[Brief]:
From the records below, please return each line that holds the word "CLAMP".

=== Input records ===

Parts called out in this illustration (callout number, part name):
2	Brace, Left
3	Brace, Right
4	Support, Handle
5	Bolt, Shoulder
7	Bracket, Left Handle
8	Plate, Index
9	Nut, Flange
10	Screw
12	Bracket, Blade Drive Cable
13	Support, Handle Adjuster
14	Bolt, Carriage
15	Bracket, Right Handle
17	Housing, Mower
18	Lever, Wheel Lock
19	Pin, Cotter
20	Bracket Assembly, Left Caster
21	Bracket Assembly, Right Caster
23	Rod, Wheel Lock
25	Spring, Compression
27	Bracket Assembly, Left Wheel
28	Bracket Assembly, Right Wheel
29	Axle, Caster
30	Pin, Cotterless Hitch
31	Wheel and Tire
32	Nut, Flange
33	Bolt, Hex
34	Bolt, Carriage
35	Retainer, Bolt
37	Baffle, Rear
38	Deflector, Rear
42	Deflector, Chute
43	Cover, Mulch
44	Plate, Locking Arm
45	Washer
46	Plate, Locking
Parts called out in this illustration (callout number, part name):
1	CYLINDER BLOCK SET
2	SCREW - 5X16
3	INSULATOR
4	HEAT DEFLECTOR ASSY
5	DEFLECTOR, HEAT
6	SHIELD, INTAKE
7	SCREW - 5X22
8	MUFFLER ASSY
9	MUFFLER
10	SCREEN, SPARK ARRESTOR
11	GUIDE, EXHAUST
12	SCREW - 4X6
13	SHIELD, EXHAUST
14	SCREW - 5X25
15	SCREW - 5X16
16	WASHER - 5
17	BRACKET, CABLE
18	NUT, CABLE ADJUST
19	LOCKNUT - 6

===
=== Input records ===

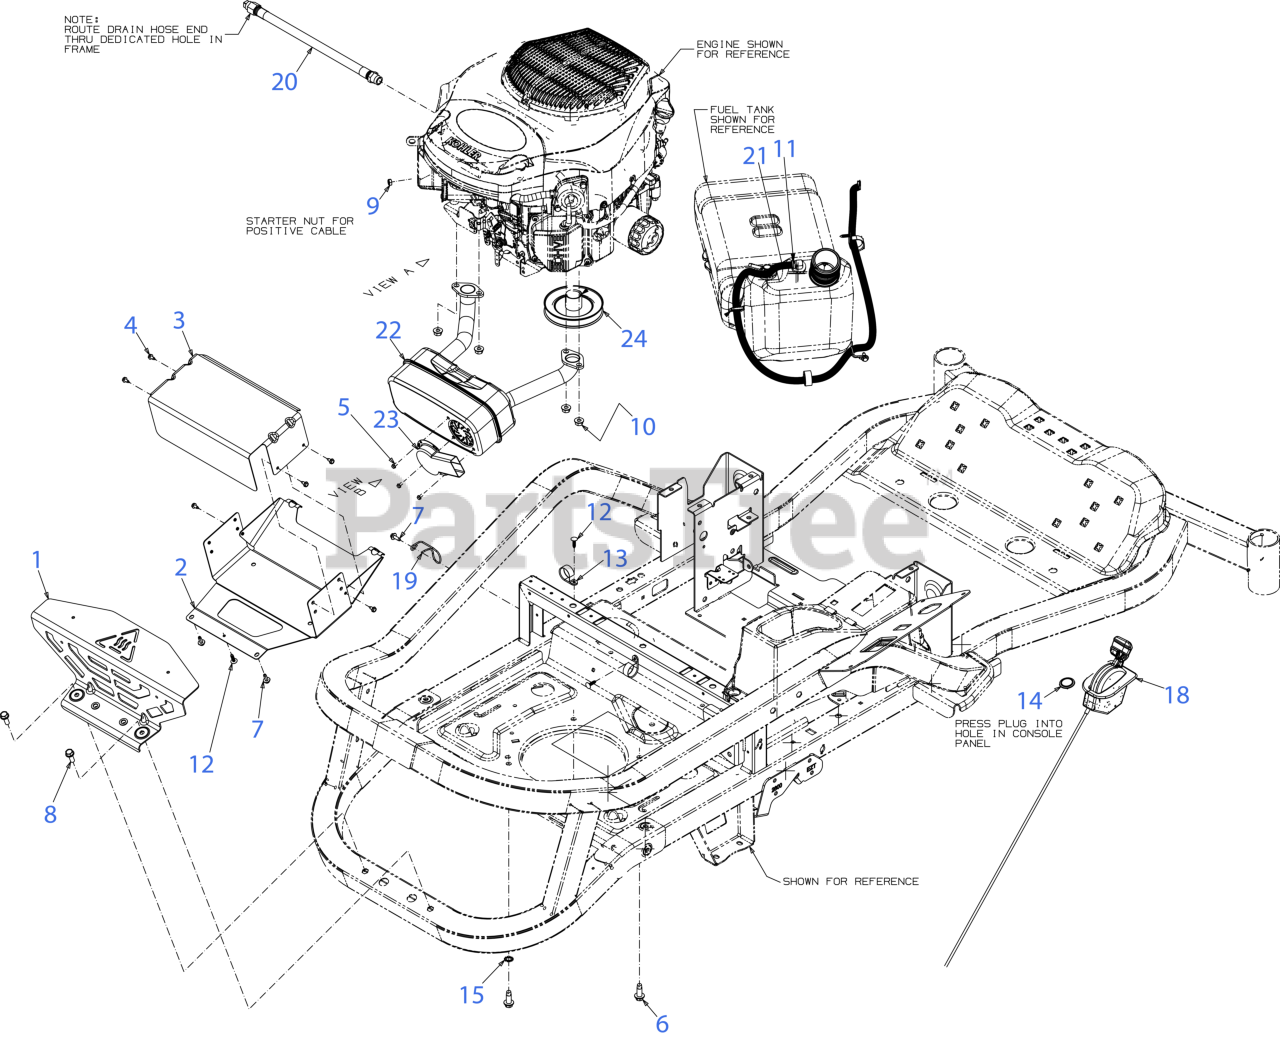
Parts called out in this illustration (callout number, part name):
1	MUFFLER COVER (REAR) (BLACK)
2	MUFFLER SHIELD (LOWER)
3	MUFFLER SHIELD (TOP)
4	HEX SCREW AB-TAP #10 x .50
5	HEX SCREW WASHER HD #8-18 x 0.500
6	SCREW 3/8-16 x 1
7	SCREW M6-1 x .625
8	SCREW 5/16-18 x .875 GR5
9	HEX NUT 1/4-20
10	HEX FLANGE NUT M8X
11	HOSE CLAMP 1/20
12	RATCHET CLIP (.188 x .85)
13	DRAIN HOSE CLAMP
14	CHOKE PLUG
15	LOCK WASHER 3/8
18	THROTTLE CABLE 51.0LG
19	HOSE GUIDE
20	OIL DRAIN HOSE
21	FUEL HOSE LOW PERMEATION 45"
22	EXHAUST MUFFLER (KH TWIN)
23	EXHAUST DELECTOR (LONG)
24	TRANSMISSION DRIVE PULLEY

===

[Result for this exercise]:
11	HOSE CLAMP 1/20
13	DRAIN HOSE CLAMP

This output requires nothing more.